Using the entries that follow, write out the line containing "35.73 90 top", the line containing "62.44 90 top", and every line between them, exactly and nothing else.

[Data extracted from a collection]
Segment Open

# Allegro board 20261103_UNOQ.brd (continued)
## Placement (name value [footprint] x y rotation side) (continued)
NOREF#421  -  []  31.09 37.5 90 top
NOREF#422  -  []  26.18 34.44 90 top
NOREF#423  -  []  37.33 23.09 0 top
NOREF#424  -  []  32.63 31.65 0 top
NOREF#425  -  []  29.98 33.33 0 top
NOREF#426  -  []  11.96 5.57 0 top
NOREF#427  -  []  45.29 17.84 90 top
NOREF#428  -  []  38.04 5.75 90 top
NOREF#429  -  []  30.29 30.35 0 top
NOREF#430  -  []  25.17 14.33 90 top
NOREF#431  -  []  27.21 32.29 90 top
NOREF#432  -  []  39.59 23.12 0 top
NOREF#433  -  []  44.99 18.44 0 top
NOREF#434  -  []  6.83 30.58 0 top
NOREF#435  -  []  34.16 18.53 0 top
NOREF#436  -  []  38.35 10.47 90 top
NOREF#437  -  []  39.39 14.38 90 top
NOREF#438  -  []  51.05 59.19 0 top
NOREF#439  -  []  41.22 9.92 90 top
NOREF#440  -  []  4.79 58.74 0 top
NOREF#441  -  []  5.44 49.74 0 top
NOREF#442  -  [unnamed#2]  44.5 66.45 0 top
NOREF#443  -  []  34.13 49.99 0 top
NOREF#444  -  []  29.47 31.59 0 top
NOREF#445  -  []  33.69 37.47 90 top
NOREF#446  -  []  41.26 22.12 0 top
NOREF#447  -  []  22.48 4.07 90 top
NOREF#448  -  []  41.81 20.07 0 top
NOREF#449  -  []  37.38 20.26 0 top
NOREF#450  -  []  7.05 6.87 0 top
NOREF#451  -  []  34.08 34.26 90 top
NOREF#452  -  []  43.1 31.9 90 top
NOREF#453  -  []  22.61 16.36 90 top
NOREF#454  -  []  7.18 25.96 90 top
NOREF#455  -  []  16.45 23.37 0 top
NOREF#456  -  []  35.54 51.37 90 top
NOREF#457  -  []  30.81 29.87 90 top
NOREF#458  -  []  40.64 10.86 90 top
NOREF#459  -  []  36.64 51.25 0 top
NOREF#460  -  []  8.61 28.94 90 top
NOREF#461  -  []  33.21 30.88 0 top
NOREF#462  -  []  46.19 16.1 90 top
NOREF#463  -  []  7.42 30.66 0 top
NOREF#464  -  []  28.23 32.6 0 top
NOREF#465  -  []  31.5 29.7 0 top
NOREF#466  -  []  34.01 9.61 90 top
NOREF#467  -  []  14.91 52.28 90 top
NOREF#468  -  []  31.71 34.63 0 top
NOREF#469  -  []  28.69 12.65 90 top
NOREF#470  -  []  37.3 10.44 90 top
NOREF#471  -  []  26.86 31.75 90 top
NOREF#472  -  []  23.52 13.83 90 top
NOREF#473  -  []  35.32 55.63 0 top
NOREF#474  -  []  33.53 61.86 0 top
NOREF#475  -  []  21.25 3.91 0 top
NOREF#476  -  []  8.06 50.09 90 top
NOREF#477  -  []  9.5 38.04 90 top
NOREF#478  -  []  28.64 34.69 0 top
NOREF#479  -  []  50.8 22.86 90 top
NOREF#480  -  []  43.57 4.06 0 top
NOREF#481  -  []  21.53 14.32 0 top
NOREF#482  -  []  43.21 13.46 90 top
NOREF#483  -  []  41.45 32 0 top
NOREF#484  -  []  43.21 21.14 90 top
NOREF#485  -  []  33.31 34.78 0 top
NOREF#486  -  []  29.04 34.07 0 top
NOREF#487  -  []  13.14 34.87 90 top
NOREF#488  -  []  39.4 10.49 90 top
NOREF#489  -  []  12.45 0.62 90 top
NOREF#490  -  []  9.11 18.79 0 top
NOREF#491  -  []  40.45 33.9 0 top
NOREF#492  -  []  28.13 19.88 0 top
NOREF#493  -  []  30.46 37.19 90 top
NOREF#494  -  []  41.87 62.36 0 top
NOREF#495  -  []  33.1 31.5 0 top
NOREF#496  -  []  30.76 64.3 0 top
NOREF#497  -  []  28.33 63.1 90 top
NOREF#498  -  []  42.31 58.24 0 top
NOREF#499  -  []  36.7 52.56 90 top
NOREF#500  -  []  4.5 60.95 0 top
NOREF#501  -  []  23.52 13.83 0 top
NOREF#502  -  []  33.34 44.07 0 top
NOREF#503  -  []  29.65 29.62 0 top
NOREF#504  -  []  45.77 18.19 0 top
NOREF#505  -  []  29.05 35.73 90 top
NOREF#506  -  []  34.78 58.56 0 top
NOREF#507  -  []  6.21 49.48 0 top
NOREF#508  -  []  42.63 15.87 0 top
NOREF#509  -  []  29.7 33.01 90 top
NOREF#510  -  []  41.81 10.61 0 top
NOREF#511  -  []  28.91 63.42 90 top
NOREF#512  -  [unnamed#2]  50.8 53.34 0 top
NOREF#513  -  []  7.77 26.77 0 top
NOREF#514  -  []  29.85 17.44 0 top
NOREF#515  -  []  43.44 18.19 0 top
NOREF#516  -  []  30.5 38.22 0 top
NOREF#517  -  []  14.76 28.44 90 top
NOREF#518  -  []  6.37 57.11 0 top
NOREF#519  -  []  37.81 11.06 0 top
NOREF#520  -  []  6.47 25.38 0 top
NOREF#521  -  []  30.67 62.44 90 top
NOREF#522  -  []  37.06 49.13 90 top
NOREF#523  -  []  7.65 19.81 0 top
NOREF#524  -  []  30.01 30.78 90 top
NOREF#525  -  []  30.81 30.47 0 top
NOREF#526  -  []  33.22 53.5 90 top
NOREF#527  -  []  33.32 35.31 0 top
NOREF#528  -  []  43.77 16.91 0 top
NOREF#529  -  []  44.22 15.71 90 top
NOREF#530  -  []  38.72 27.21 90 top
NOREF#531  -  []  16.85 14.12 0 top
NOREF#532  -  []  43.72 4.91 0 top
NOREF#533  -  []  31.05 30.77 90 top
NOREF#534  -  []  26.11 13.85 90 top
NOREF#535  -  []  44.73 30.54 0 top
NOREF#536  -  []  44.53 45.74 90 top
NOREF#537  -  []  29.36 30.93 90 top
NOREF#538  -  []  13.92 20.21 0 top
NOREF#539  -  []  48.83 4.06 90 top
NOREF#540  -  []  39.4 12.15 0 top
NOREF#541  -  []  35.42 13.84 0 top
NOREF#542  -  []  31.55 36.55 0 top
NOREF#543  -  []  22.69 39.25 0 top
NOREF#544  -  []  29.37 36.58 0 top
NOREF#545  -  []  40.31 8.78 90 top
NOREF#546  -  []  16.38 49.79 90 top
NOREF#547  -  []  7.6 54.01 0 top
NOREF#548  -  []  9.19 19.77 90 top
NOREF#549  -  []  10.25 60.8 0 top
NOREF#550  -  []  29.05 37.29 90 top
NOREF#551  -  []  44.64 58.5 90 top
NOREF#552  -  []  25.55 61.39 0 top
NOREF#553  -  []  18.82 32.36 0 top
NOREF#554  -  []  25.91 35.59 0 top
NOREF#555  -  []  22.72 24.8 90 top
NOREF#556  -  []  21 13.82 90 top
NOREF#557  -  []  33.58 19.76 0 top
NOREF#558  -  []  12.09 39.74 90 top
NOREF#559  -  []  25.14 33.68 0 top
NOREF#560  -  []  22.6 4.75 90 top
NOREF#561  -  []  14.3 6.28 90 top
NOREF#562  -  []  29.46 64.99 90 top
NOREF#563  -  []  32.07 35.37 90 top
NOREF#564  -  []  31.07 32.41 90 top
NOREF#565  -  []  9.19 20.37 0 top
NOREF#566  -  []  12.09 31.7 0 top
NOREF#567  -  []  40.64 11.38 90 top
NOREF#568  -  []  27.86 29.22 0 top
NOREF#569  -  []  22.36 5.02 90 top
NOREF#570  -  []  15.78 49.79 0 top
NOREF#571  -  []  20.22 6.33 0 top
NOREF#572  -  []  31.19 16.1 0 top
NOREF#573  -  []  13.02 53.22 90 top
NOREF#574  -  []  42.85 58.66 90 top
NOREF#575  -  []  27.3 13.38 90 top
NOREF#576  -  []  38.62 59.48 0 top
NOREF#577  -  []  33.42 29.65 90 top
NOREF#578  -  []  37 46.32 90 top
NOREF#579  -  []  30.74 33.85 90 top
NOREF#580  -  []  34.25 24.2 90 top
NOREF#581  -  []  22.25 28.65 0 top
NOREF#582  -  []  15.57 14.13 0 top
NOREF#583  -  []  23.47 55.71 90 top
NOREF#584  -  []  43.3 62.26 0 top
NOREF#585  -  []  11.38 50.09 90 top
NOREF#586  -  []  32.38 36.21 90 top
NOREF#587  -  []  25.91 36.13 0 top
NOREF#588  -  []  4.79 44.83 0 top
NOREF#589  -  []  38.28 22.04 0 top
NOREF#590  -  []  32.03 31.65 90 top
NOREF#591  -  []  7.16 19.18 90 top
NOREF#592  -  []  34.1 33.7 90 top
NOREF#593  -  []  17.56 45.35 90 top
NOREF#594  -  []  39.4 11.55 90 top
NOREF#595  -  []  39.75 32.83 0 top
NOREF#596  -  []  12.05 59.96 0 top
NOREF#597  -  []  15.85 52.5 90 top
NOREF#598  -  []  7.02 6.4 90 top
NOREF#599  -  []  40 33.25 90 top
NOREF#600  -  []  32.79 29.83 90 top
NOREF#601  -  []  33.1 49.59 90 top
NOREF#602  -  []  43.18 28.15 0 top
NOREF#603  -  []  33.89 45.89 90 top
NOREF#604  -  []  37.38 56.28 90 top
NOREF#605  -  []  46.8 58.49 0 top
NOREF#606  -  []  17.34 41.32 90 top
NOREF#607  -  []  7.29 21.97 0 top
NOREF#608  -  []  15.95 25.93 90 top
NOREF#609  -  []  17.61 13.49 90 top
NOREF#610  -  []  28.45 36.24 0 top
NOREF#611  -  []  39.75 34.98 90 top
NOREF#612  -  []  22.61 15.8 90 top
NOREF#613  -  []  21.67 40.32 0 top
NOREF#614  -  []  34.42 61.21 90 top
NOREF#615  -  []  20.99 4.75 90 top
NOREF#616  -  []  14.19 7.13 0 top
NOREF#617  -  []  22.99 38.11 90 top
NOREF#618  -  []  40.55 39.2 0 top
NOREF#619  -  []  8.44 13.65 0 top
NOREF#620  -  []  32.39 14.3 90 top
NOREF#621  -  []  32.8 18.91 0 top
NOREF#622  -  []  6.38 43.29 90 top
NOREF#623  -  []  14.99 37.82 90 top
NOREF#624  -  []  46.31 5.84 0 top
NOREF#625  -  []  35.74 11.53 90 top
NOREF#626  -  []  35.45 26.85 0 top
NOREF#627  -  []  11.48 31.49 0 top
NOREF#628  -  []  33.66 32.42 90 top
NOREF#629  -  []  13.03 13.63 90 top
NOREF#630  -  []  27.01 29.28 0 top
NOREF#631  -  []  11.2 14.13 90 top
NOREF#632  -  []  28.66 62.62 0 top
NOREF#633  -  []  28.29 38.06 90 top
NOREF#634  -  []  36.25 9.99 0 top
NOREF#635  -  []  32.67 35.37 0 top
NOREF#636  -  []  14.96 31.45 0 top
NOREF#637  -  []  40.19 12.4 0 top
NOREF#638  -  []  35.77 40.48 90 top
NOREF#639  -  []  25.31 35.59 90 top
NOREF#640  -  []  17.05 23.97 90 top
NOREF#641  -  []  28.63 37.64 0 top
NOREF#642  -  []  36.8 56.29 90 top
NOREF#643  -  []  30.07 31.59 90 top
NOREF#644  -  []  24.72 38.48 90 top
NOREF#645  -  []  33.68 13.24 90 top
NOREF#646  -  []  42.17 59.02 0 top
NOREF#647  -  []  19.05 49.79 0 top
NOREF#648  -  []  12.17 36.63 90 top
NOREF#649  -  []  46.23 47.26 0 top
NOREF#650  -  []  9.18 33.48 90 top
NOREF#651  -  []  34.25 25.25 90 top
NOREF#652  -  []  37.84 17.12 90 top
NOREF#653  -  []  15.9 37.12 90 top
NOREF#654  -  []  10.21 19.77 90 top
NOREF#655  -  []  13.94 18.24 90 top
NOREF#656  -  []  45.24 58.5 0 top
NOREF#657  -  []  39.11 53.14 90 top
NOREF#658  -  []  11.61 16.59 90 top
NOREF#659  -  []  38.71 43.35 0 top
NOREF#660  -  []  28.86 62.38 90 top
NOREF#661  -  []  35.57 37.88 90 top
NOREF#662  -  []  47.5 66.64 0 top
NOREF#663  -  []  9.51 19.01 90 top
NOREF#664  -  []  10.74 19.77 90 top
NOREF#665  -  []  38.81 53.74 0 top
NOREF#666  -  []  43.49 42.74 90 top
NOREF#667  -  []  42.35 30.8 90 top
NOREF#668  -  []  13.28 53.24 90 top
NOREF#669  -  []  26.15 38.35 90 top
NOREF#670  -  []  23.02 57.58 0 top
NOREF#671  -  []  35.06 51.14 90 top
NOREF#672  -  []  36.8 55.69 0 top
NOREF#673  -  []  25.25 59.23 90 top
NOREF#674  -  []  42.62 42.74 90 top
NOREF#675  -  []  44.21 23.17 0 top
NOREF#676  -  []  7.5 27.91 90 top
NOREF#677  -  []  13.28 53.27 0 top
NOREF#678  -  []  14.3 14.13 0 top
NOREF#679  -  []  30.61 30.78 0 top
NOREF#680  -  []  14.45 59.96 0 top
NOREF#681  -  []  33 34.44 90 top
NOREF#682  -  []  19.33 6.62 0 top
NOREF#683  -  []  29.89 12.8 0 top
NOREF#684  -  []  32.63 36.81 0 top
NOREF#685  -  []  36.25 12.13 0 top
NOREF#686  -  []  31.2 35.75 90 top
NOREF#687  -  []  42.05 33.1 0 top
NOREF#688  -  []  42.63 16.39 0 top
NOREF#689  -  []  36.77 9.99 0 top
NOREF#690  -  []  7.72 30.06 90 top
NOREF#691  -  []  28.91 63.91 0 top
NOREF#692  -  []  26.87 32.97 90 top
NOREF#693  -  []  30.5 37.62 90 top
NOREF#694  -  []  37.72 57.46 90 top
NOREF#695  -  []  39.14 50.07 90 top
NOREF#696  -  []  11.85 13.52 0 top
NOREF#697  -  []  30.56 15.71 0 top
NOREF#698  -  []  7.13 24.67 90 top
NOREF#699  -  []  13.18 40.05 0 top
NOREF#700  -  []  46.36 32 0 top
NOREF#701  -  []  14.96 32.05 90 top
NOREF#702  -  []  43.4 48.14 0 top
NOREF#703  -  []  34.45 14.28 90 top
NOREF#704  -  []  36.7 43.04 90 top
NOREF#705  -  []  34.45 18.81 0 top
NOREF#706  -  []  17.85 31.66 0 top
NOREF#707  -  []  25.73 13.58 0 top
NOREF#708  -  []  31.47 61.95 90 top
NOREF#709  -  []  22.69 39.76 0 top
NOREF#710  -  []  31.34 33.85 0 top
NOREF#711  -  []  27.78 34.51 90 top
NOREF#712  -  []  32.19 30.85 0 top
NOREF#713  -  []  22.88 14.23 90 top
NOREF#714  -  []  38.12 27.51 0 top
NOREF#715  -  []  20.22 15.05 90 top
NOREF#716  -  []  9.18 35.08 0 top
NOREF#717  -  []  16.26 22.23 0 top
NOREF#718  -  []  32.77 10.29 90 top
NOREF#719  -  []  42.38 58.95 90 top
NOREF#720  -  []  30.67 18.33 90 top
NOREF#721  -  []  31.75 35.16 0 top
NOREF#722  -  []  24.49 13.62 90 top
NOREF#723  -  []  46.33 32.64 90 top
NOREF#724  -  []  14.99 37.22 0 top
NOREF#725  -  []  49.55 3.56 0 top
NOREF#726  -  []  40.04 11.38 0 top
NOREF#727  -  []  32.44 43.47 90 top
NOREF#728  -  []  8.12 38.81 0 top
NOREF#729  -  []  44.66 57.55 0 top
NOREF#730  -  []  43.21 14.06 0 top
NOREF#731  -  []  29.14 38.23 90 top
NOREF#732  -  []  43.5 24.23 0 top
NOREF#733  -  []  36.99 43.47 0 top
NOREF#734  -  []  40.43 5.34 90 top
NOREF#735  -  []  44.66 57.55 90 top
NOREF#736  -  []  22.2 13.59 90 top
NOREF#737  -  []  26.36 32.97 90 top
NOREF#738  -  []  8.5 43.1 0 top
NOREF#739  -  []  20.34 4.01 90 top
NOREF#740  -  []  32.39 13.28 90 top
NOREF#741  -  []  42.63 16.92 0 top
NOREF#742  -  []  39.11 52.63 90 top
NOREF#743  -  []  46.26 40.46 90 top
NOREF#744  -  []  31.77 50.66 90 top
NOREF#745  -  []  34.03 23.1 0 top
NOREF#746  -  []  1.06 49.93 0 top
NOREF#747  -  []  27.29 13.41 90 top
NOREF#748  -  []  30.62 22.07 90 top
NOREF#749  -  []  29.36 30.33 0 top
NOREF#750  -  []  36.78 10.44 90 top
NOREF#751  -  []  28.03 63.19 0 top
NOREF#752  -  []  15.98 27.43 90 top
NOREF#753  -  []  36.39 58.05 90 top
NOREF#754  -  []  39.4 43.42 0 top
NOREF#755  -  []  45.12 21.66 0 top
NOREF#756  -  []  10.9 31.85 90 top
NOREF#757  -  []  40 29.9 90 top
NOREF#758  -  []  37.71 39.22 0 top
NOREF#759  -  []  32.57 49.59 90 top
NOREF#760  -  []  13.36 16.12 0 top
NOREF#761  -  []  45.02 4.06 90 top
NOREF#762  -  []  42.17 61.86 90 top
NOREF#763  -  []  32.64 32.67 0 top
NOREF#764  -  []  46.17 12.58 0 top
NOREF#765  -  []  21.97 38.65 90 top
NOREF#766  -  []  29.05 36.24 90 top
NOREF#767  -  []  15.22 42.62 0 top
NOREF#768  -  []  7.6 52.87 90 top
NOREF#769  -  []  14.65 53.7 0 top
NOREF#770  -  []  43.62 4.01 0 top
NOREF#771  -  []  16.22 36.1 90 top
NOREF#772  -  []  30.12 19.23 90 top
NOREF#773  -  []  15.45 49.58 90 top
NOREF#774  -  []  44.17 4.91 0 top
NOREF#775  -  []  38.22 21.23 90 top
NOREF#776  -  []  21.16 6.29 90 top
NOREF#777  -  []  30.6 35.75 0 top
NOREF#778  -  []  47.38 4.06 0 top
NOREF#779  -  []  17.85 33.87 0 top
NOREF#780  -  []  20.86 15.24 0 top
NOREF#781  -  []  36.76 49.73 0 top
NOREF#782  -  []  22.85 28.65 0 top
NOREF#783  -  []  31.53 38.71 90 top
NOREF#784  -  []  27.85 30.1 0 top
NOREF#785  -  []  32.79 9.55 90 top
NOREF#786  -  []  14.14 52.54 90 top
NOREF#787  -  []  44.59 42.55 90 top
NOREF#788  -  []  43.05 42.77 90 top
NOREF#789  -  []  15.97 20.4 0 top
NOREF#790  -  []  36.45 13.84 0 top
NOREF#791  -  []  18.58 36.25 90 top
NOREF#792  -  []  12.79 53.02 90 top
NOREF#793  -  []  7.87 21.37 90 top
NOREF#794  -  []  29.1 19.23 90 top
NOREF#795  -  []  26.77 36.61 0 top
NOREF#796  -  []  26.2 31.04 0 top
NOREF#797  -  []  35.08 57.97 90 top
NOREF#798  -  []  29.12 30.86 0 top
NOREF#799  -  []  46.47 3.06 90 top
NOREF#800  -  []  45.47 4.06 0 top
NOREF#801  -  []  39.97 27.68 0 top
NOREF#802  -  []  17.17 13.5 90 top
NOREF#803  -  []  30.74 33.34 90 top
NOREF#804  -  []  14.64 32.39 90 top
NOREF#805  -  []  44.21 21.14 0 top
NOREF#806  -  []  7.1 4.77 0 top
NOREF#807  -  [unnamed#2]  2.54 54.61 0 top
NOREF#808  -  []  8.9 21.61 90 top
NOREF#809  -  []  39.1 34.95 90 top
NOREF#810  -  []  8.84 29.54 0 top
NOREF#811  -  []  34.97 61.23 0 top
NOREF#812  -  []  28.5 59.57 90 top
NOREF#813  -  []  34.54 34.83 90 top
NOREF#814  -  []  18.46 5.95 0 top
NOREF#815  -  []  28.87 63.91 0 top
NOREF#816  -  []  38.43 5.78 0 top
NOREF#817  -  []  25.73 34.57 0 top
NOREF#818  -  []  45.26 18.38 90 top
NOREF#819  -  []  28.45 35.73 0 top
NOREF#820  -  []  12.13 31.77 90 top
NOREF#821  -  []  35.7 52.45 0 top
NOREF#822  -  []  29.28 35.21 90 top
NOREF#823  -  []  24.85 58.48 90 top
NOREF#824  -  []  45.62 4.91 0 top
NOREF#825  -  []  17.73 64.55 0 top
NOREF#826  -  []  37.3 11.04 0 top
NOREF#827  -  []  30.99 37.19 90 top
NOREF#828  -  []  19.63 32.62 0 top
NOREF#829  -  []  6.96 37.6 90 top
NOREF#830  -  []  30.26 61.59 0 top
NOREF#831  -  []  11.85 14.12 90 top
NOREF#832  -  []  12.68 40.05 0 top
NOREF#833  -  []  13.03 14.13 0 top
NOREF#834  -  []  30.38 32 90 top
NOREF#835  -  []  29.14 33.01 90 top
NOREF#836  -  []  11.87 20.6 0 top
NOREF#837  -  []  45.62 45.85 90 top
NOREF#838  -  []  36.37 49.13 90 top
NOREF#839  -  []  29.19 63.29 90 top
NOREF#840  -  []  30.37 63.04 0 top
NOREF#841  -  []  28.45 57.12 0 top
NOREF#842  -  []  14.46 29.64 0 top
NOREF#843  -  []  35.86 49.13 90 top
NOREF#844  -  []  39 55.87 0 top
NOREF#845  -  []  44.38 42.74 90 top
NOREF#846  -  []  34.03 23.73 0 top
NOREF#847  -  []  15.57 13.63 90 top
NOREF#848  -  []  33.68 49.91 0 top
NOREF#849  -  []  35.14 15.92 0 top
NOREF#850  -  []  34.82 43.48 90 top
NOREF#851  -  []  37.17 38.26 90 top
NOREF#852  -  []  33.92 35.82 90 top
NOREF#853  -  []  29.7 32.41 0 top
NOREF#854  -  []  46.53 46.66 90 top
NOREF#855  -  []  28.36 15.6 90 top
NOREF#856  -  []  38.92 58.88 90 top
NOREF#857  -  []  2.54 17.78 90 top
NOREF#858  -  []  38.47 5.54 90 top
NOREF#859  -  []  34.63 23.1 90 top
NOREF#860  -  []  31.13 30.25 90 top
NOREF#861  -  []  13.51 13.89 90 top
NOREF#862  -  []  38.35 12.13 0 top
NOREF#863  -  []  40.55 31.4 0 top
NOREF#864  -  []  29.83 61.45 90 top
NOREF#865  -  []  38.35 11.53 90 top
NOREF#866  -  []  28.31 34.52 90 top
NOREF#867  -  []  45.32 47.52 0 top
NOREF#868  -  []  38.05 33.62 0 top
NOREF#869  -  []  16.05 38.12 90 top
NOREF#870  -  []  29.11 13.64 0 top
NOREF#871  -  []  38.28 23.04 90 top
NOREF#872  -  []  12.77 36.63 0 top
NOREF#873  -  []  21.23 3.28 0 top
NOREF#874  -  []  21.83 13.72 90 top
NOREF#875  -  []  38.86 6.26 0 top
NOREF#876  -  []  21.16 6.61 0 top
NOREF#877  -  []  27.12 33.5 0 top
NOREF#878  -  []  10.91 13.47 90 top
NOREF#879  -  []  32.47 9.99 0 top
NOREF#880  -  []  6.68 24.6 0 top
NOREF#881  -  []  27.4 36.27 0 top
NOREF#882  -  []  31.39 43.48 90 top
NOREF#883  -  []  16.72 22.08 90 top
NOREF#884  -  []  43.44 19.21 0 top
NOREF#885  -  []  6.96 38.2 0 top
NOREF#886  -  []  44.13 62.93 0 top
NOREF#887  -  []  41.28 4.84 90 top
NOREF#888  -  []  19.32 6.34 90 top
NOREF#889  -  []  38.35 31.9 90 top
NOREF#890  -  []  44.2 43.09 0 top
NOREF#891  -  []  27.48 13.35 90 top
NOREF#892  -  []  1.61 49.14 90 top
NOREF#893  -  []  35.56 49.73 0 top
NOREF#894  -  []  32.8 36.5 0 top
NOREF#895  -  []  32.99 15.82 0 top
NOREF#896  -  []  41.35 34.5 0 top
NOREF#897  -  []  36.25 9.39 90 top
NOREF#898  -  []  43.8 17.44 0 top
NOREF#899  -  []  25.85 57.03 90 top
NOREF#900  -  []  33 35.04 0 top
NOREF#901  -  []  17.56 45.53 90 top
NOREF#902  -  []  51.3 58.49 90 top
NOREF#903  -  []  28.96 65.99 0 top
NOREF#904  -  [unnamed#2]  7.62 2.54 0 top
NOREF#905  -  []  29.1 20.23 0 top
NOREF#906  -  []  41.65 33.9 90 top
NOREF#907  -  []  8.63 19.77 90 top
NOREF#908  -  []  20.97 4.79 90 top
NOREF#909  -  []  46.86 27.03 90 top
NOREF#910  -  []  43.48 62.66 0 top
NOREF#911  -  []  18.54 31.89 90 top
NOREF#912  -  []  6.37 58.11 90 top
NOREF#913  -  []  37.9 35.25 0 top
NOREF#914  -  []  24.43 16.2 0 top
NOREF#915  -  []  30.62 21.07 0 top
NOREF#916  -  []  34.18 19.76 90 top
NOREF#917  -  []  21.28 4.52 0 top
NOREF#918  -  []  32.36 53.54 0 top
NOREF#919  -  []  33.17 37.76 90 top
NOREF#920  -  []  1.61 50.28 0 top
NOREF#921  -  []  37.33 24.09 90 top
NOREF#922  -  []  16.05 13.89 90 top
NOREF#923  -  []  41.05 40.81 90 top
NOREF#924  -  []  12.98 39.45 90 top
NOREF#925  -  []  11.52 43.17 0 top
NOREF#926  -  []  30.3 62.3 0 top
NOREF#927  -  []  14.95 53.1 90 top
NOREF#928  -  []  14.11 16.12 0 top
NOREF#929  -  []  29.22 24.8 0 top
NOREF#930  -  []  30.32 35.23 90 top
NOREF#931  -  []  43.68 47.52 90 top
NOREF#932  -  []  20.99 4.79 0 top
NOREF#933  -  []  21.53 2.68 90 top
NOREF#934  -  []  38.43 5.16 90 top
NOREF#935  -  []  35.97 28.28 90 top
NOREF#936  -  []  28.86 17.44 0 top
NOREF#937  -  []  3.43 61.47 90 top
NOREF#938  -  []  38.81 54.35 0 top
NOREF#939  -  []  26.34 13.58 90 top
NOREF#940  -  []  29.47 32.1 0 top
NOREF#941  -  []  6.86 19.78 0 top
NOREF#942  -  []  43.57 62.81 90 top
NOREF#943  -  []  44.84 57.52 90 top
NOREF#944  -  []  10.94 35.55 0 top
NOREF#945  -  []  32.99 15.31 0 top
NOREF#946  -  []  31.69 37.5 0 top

Segment Closed

- TASK OUTPUT -
NOREF#505  -  []  29.05 35.73 90 top
NOREF#506  -  []  34.78 58.56 0 top
NOREF#507  -  []  6.21 49.48 0 top
NOREF#508  -  []  42.63 15.87 0 top
NOREF#509  -  []  29.7 33.01 90 top
NOREF#510  -  []  41.81 10.61 0 top
NOREF#511  -  []  28.91 63.42 90 top
NOREF#512  -  [unnamed#2]  50.8 53.34 0 top
NOREF#513  -  []  7.77 26.77 0 top
NOREF#514  -  []  29.85 17.44 0 top
NOREF#515  -  []  43.44 18.19 0 top
NOREF#516  -  []  30.5 38.22 0 top
NOREF#517  -  []  14.76 28.44 90 top
NOREF#518  -  []  6.37 57.11 0 top
NOREF#519  -  []  37.81 11.06 0 top
NOREF#520  -  []  6.47 25.38 0 top
NOREF#521  -  []  30.67 62.44 90 top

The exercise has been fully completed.